Instituto Nacional de Migración


----------



## raquellee (Mar 29, 2010)

RVGRINGO said:


> This page, from the INM website, may answer some of your questions:
> 
> Instituto Nacional de Migración


 XII.- Acreditar que sabe hablar español, que conoce la historia del país y que está integrado a la cultura nacional. 
How do they know, will it be some sort of test? Or is it up to the person that I would be talking to at the desk.
I also am not clear about the Tijuana San Diego commute to pay into my bank account monthly to get the FM2 and live in TJ. Since there is a rule about leaving the country for x amount of time, I wonder if going to work and back everyday would be the destruction of the FM2. Do you know?


----------



## RVGRINGO (May 16, 2007)

Yes, there is a history test and an interview, in Spanish. I also doubt strongly that you would want to live in Tijuana, or any other border town. Besides, commuting just doesn't seem practical and the FM2 does have limitations on the time out of country.


----------



## raquellee (Mar 29, 2010)

RVGRINGO said:


> Yes, there is a history test and an interview, in Spanish. I also doubt strongly that you would want to live in Tijuana, or any other border town. Besides, commuting just doesn't seem practical and the FM2 does have limitations on the time out of country.

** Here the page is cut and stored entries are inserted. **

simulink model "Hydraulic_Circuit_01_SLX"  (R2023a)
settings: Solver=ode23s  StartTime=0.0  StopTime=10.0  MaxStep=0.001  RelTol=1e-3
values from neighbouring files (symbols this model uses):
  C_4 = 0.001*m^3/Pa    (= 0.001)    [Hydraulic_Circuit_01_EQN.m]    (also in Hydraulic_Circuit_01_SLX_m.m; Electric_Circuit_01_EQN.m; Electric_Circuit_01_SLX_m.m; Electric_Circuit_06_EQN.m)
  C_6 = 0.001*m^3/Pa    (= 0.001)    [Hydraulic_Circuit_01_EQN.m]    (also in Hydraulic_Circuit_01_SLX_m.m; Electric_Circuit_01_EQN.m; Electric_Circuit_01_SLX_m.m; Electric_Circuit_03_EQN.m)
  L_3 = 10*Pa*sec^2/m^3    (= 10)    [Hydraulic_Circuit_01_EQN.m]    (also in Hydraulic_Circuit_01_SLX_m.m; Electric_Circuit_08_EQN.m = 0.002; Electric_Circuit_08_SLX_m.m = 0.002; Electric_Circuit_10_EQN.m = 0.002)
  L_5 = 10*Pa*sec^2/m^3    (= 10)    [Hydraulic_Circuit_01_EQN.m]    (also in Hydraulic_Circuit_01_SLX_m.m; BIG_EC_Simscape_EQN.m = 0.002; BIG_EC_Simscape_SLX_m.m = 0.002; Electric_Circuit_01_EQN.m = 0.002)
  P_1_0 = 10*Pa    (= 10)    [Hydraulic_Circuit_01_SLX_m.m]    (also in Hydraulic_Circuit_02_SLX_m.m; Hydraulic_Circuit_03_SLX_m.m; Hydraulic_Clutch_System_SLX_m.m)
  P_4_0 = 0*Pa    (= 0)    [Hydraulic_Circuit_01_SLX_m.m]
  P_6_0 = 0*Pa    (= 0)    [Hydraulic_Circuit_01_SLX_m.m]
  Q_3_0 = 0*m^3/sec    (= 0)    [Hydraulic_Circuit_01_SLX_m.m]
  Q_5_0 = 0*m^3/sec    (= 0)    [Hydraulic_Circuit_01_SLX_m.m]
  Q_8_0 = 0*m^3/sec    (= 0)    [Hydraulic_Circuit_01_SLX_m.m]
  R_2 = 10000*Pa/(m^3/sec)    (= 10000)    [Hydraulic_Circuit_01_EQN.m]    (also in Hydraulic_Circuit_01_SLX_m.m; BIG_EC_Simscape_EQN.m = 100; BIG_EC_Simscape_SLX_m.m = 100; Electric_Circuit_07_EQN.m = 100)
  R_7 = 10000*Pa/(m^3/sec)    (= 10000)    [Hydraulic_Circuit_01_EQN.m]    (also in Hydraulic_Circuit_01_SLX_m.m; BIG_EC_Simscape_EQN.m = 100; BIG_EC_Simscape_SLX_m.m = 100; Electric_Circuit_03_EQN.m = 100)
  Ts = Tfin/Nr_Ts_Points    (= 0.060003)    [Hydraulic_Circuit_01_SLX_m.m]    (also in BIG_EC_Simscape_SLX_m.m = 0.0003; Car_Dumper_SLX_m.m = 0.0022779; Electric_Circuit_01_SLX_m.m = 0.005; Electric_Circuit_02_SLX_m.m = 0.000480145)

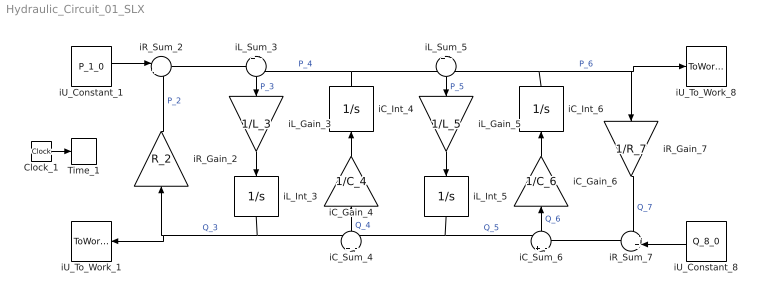
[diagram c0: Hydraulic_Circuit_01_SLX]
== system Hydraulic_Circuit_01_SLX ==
  Clock_1 : Clock
  Time_1 : ToWorkspace  VariableName=t  SaveFormat=Timeseries  SampleTime=Ts
  iC_Gain_4 : Gain  Gain=1/C_4  Multiplication=Matrix(K*u)
  iC_Gain_6 : Gain  Gain=1/C_6  Multiplication=Matrix(K*u)
  iC_Int_4 : Integrator  InitialCondition=P_4_0
  iC_Int_6 : Integrator  InitialCondition=P_6_0
  iC_Sum_4 : Sum  Inputs=+|-
  iC_Sum_6 : Sum  Inputs=+|-
  iL_Gain_3 : Gain  Gain=1/L_3  Multiplication=Matrix(K*u)
  iL_Gain_5 : Gain  Gain=1/L_5  Multiplication=Matrix(K*u)
  iL_Int_3 : Integrator  InitialCondition=Q_3_0
  iL_Int_5 : Integrator  InitialCondition=Q_5_0
  iL_Sum_3 : Sum  Inputs=+|-
  iL_Sum_5 : Sum  Inputs=+|-
  iR_Gain_2 : Gain  Gain=R_2  Multiplication=Matrix(K*u)
  iR_Gain_7 : Gain  Gain=1/R_7  Multiplication=Matrix(K*u)
  iR_Sum_2 : Sum  Inputs=|+-
  iR_Sum_7 : Sum  Inputs=++|
  iU_Constant_1 : Constant  Value=P_1_0
  iU_Constant_8 : Constant  Value=Q_8_0
  iU_To_Work_1 : ToWorkspace  VariableName=Q_1_0  SaveFormat=Timeseries  SampleTime=Ts
  iU_To_Work_8 : ToWorkspace  VariableName=P_8_0  SaveFormat=Timeseries  SampleTime=Ts
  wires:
  iU_Constant_1/1 -> iR_Sum_2/1
  iR_Sum_2/1 -> iL_Sum_3/1
  iL_Int_3/1 -> iU_To_Work_1/1, iR_Gain_2/1, iC_Sum_4/1  "Q_3"
  iR_Gain_2/1 -> iR_Sum_2/2  "P_2"
  iC_Int_4/1 -> iL_Sum_3/2, iL_Sum_5/1  "P_4"
  iL_Sum_3/1 -> iL_Gain_3/1  "P_3"
  iL_Gain_3/1 -> iL_Int_3/1
  iL_Int_5/1 -> iC_Sum_4/2, iC_Sum_6/1  "Q_5"
  iC_Sum_4/1 -> iC_Gain_4/1  "Q_4"
  iC_Gain_4/1 -> iC_Int_4/1
  iC_Int_6/1 -> iL_Sum_5/2, iU_To_Work_8/1, iR_Gain_7/1  "P_6"
  iL_Sum_5/1 -> iL_Gain_5/1  "P_5"
  iL_Gain_5/1 -> iL_Int_5/1
  iR_Sum_7/1 -> iC_Sum_6/2
  iC_Sum_6/1 -> iC_Gain_6/1  "Q_6"
  iC_Gain_6/1 -> iC_Int_6/1
  iU_Constant_8/1 -> iR_Sum_7/2
  iR_Gain_7/1 -> iR_Sum_7/1  "Q_7"
  Clock_1/1 -> Time_1/1
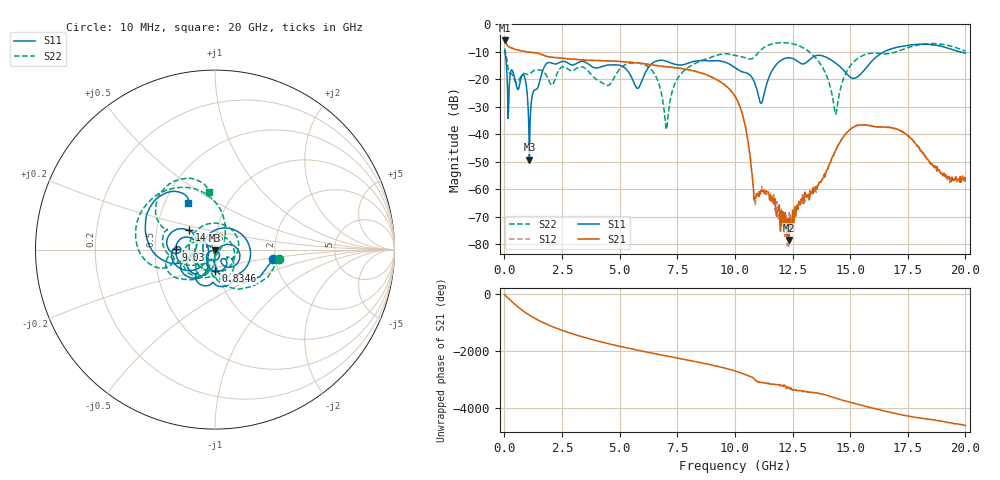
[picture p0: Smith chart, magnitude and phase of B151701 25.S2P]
!  2-Port S-parameters saved by WinCal
! VAR MeasName=S-Parameters (CALIBRATED_DATA) read from VNA (N5244A)
! VAR MeasDate=2015-12-24 19:11:04
! VAR NAME=B151701 25
! VAR FILENAME=B151701 25.S2P
! VAR DATE=2015-12-24 19:11:04
! VAR PHYS_PORTS=1,3
# Hz S DB R 50
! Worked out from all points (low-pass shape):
!   801 points, 10 MHz to 20 GHz, reference 50 ohm
!   highest |S21| = -5.92 dB at 10 MHz (marker M1); lowest = -78.4 dB at 12.35 GHz (marker M2)
!   |S21| within 3 dB of the highest: start of sweep to 393.5 MHz
!   lowest |S11| = -49.2 dB at 1.084 GHz (marker M3), VSWR 1.01, Z = 50 - j0.347 ohm
!   |S11| at or under -10 dB: 17.93 MHz to 16.47 GHz (16.46 GHz wide, 200 % of centre); 19.72 GHz to end of sweep
!   |S22| runs from -38.2 to -6.7 dB; largest |S21 - S12| = 0.0012
!   S11 on the Smith chart (normalised r, x): 10 MHz: 1.94, -0.24; 834.6 MHz: 0.98, -0.24; 9.03 GHz: 0.65, +0.00; 14.48 GHz: 0.73, +0.16; 20 GHz: 0.65, +0.37
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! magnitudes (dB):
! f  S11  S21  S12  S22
! 10 MHz  -9.7  -5.9  -5.9  -8.8
! 184.9 MHz  -29.9  -8.1  -8.1  -16.8
! 834.6 MHz  -18.4  -9.8  -9.8  -17.9
! 1.084 GHz  -49.2  -10.2  -10.2  -18.1
! 1.834 GHz  -14.3  -11.7  -11.7  -18.7
! 3.358 GHz  -13.5  -12.9  -12.9  -15.5
! 4.483 GHz  -14.9  -13.3  -13.3  -22.3
! 5.782 GHz  -23.3  -14.1  -14.1  -14.2
! 6.682 GHz  -13.2  -15.1  -15.1  -21.1
! 7.031 GHz  -13.5  -15.5  -15.5  -38.2
! 7.581 GHz  -14.8  -16.0  -16.0  -18.9
! 9.03 GHz  -13.3  -19.4  -19.4  -11.8
! 10.01 GHz  -15.8  -26.2  -26.2  -11.3
! 10.45 GHz  -17.6  -37.1  -37.1  -12.2
! 10.88 GHz  -21.8  -62.8  -65.8  -11.6
! 11.15 GHz  -28.7  -60.7  -60.6  -9.2
! 12.35 GHz  -12.2  -78.4  -68.5  -6.9
! 13.35 GHz  -12.1  -61.5  -61.6  -11.0
! 14.48 GHz  -14.8  -44.0  -44.0  -28.0
! 15.18 GHz  -19.6  -37.3  -37.3  -13.5
! 16.68 GHz  -9.2  -37.5  -37.5  -10.7
! 20 GHz  -10.5  -56.9  -57.0  -9.8

uurrrrrr...ok so I am pretty good at memorizing - so if it came to it I could ace a history test if I ever get that far, and by that time, with an additional grammar class, I will probably be half decent at my spanish, so...those facts, even though intimidating, can be remedied. The FM2 idea with the incoming money from working in SanDiego and living in TJ might not work then... (deep breath) I will keep thinking and pondering... however, if Tijuana were to be lived in by my family and I, would I even be "allowed" to commute for working. Isnt there some kind of overlooking if you are crossing the border within 90 miles or something like that where there will be no visa issued? (just weighing all options) I know of Tijuana's reputaion. I delivered my son in San Diego hospital. They called child services to interview me 'just because' of the fact that I was coming in from Mexico. The local reputation of Mexico in San Diego, because of TJ's close prox. is that of crime and drugs and whatnot. So needless to say I had to go over how Cuernavaca is nothing like that. Luckily my sister who is a psycologist was there to defend me to ensure that I was normal and not on drugs or something like that craziness. But yes - because of this event, I do realize that Tijuana is not that liveable city that I would dream of. I am giving myself backburner plans so that I save myself from depression as I go through the options of figuring out an FM2 plan.. so is it ok to live and work at the border or do you know? Meantime I will think of a different plan. Ps what happened to your family members children that they are not allowed to leave the country till 21 and I am I doing something that is similar to this situation? If you dont want to talk about it that is fine w/ me. I just read it in another area and made me wonder if something so drastic would happen to me for any reason. That must be why you know so much? Frankly I am thinking that my husband should just sneak here in the USA and live in our basement like a troll forever, kidding...


----------



## RVGRINGO (May 16, 2007)

The zona frontera has a 72 hour limit on your 'commute'. However, if you had an FM2, you would be further limited, making it impractical. TJ would not be a place to bring up children, in my opinion.
Our relative married an illegal, had two beautiful children and he returned to Mexico. She then had another and dropped that boyfriend. Now she has another, who is the father of #4. Those were not good choices & against all advice. Husband in Mexico refuses to respond to divorce proceedings, makes threats, etc. Children require passports and that means the presence & permission of birth parents; or death certificate. So, both economics and those complications keep them where they are. In the present economy, they're having a near-impossible time of it. It is sad too watch helplessly.


----------



## raquellee (Mar 29, 2010)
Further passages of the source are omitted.